I know HFT guys pull of tricks like these, but no, this is either not
difficult to pull off on an FPGA nor is there any NDA. Easy if you send UDP
with checksums off or raw ethernet frames. Receiving party will of course need
to ignore the last 4 bytes needed to make the CRC computation correct.

Would be interesting if anyone managed to do this with TCP. If it's even
possible to get both TCP and ethernet frame FEC match in real time and ideally
somehow even mask the data from the recipient. Probably not possible, but...
who knows.

------
okaleniuk
I'm really glad that's becoming a part of public discourse.

Of course, poor performance is an ethical and economical issue.
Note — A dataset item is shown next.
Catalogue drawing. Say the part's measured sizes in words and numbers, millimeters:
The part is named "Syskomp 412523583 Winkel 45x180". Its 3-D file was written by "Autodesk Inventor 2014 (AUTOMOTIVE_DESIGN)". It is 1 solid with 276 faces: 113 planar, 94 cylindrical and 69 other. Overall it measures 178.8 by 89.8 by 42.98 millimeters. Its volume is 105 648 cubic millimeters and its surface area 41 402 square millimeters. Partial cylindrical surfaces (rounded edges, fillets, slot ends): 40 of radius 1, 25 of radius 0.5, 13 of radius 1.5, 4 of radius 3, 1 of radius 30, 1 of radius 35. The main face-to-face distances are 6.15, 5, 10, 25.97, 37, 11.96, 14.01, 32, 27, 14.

As the latter,
we've been largely ignoring it in PC era (as a software guy, you don't pay for
the hardware you're wasting so why should you care?) and now it's starting to
be a concern with the cloud.

------
commandlinefan
Thank God _somebody_ is talking about this instead of shutting down every
suggestion of speeding things up with (their misunderstanding of) Knuth's
famous "performance optimization is the root of all evil" quote.

------
KaiserPro
I think positioning this as an ethics issue will not have the impact that I
think it should.

We should really be making the argument on a capitalistic basis. (stay with me
here.)

I was at the FT when we were re-designing the site. The page was lighter than
the dailymail (but then most things are) but not as fast as skynews. (it
loaded within a second with pictures on a slow desktop)
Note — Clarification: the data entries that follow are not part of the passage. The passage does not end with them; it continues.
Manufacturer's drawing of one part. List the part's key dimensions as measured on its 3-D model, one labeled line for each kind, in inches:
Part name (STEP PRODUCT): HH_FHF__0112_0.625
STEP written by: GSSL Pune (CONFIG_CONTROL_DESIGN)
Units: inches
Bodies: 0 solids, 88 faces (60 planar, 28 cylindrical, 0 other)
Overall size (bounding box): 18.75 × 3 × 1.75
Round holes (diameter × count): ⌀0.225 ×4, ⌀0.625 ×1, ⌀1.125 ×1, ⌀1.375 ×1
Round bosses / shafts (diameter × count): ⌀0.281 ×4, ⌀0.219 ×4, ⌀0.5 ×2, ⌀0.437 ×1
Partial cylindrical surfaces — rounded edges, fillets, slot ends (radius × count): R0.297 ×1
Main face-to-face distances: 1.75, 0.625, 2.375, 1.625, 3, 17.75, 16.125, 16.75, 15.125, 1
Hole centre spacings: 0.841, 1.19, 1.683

The marketing team really wanted more tracking, and the advertisers also were
insisting on inserting _another_ three tracking systems.
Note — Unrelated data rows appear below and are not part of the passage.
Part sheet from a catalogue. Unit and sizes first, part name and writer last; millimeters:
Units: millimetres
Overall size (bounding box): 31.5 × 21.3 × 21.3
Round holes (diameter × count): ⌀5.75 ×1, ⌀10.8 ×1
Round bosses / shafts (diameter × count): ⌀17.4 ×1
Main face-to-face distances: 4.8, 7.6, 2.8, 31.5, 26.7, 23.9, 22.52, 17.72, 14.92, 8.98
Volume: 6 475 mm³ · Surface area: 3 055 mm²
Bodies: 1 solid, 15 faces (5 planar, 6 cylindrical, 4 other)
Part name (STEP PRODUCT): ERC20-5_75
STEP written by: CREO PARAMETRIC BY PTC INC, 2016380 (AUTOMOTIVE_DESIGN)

So the developers (and product owners) pushed back. The writeup is here:
[https://medium.com/ft-product-technology/a-faster-ft-
com-10e...](https://medium.com/ft-product-technology/a-faster-ft-
com-10e7c077dc1c)

There was a clear correlation between load time and dwell time.

Which lead to the undeniable conclusion that tracking stuff cost the business
more money than the extra info brought in.

The take away from this is when ever you are making a case for business
change, you have to argue that _your_ change will make the business better,
using the metrics that the business understands.

The skill is making your moral choice look and smell like a money
making/target hitting opportunity.

------
dangerface
> 17.6 million kWh of energy to use the web every single day.

17 million sounds like a lot but it's nothing.

In Ireland there are 2,878 wind turbines producing 30% of our electric, 47
million kWh of energy every single day more than enough to power the worlds
internet even if you use the larger numbers in this article.

This "Wasted energy" is a non issue.

------
miki123211
Performance is part of accessibility. I haven't realized this earlier, but now
it's clear to me. I think accessibility is much more than what we believe it
to be. It's about allowing as many people as possible to access our services.
This, in my opinion, is a moral issue, and I think not doing that is just
plain unethical. Making a website that's not WCAG compliant, i.e. doesn't work
well for disabled people, one that is not available in specific countries or
for specific age groups is bad, but making website that wastes resources is
bad too. If you're doing one kind of accessibility because moral issues, you
should be doing the other kinds too.

------
donohoe
The state of web page performance is pretty bad and could be so much better.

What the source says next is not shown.